Наконец ужин кончился; люди барона убрали все, нанесли множество дров, то есть хворосту и сухих палок, разложили еще больше огня; собрали в груду все кости, сложили их на тарелку и подали Эдуарду, который и представил это лакомое кушанье своему неоценимому Мограби. Собака без церемонии расположилась ужинать у самых колен своего господина, не перестававшего гладить ее.

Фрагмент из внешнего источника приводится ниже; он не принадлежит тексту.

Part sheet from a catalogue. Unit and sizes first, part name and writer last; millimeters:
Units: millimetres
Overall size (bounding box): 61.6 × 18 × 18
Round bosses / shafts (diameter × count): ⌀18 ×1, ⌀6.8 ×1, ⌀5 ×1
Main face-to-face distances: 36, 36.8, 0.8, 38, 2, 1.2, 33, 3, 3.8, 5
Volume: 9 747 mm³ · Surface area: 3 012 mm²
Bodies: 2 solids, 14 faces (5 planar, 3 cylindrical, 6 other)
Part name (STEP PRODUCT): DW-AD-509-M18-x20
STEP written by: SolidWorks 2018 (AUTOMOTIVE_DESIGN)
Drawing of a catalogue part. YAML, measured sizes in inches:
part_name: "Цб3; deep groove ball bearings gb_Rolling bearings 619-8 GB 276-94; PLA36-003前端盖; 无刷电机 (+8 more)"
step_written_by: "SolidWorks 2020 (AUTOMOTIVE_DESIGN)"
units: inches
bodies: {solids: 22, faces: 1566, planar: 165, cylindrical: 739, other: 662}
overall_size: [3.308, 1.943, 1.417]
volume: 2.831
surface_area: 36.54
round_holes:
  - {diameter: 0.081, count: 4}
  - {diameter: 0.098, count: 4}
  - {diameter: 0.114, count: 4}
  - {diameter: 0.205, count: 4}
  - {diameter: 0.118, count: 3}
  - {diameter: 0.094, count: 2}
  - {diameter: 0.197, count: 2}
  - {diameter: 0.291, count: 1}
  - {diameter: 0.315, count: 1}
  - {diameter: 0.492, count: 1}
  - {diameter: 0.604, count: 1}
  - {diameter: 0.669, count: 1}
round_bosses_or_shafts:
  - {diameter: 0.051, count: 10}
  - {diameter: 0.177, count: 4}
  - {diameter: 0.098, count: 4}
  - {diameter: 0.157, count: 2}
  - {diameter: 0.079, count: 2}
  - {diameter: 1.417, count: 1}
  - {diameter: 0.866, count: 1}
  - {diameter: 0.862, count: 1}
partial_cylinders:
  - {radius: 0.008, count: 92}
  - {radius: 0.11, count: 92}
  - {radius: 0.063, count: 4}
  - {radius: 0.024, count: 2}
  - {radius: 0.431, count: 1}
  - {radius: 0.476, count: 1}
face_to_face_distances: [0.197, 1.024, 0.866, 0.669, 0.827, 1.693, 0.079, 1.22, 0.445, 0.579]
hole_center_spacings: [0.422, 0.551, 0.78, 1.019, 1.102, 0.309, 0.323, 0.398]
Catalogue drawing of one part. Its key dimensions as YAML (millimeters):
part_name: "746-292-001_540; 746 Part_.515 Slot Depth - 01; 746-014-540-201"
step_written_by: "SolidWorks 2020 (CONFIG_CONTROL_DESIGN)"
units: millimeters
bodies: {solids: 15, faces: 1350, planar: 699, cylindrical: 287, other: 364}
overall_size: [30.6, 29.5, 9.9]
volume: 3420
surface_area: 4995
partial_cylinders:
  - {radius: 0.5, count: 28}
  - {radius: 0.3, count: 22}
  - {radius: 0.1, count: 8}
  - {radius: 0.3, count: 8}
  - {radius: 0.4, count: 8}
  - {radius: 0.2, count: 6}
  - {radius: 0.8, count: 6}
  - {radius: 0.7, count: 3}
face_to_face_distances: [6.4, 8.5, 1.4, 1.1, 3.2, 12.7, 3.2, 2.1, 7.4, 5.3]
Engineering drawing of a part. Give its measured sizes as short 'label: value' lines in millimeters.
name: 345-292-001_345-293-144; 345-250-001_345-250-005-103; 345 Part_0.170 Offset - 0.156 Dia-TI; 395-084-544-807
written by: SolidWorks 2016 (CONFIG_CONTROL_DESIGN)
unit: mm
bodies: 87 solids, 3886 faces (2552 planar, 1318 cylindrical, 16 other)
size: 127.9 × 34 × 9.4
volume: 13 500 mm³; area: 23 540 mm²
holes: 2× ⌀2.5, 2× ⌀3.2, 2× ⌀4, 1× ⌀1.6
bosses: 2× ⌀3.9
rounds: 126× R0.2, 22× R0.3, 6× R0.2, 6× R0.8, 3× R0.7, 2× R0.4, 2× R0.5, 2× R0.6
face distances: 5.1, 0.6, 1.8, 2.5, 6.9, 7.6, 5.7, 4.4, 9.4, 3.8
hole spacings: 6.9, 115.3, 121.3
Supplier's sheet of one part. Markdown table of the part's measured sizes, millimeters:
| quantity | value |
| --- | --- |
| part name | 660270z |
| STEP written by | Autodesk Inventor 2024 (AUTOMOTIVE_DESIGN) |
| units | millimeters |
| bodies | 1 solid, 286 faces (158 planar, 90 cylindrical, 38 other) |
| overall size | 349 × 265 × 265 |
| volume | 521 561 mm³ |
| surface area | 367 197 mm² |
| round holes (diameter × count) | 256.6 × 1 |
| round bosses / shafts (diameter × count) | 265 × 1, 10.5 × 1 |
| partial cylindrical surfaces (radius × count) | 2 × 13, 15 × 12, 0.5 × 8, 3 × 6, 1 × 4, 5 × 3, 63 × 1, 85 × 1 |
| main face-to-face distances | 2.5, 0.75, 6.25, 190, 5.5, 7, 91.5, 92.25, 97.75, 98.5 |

Барон не заставил просить себя о рассказе; как только люди, оконча свою работу, ушли к коляске, он начал говорить:
«Когда взошло солнце и благотворный свет его пробудил меня от летаргического сна, или, как я полагал тогда, нагнанного злыми духами оцепенения, то никакие слова не выразят моего отчаяния, когда, спросив у людей — пришли ли вы? — получил в ответ, что вы не возвращались в ваши хижины, из которых пошли вчера перед закатом солнца. «Что я сделал, несчастный! — думал я, — не довольно ли было мне одному переносить свое бедствие!.. Бедный молодой человек! Верно, его несчастная собака сделалась жертвою этого испытания!.. О человек! Ужасное создание… эгоизм тот кумир, которому он все приносит в жертву! Вот прекрасное и верное животное лишилось жизни для того только, что мне надобно было посредством его рокового дара увериться, точно ли нечистая сила овладела моею долиною и — моим сердцем!.. Не лучше ль мне было оставаться в сомнении о столь страшном деле, нежели на счет жизни невинной твари!..» Несмотря на мое бедствие, в котором теперь уже не сомневался, сердце мое сохранило столько чувства сострадания, что я искренно сожалел и раскаивался о зле, причиненном вашему Мограби: я плакал бы, если б мог, но слезы мои давно высохли от того адского огня, которым сожигалась кровь моя; итак, одно только мучительное беспокойство внедрилось в душу мою и не давало минуты оставаться на месте… Я не смел однако ж идти к вам в долину, полагая, что увижу вас сидящего над трупом вашего Мограби, употребляющего все старания оживить его и призывающего на меня мщение небес».
— Вы отгадали, барон, я точно клял вас от всей души моей и выл, как волк, над бесчувственным телом моей собаки… Хорошо вы сделали, что не пошли в долину.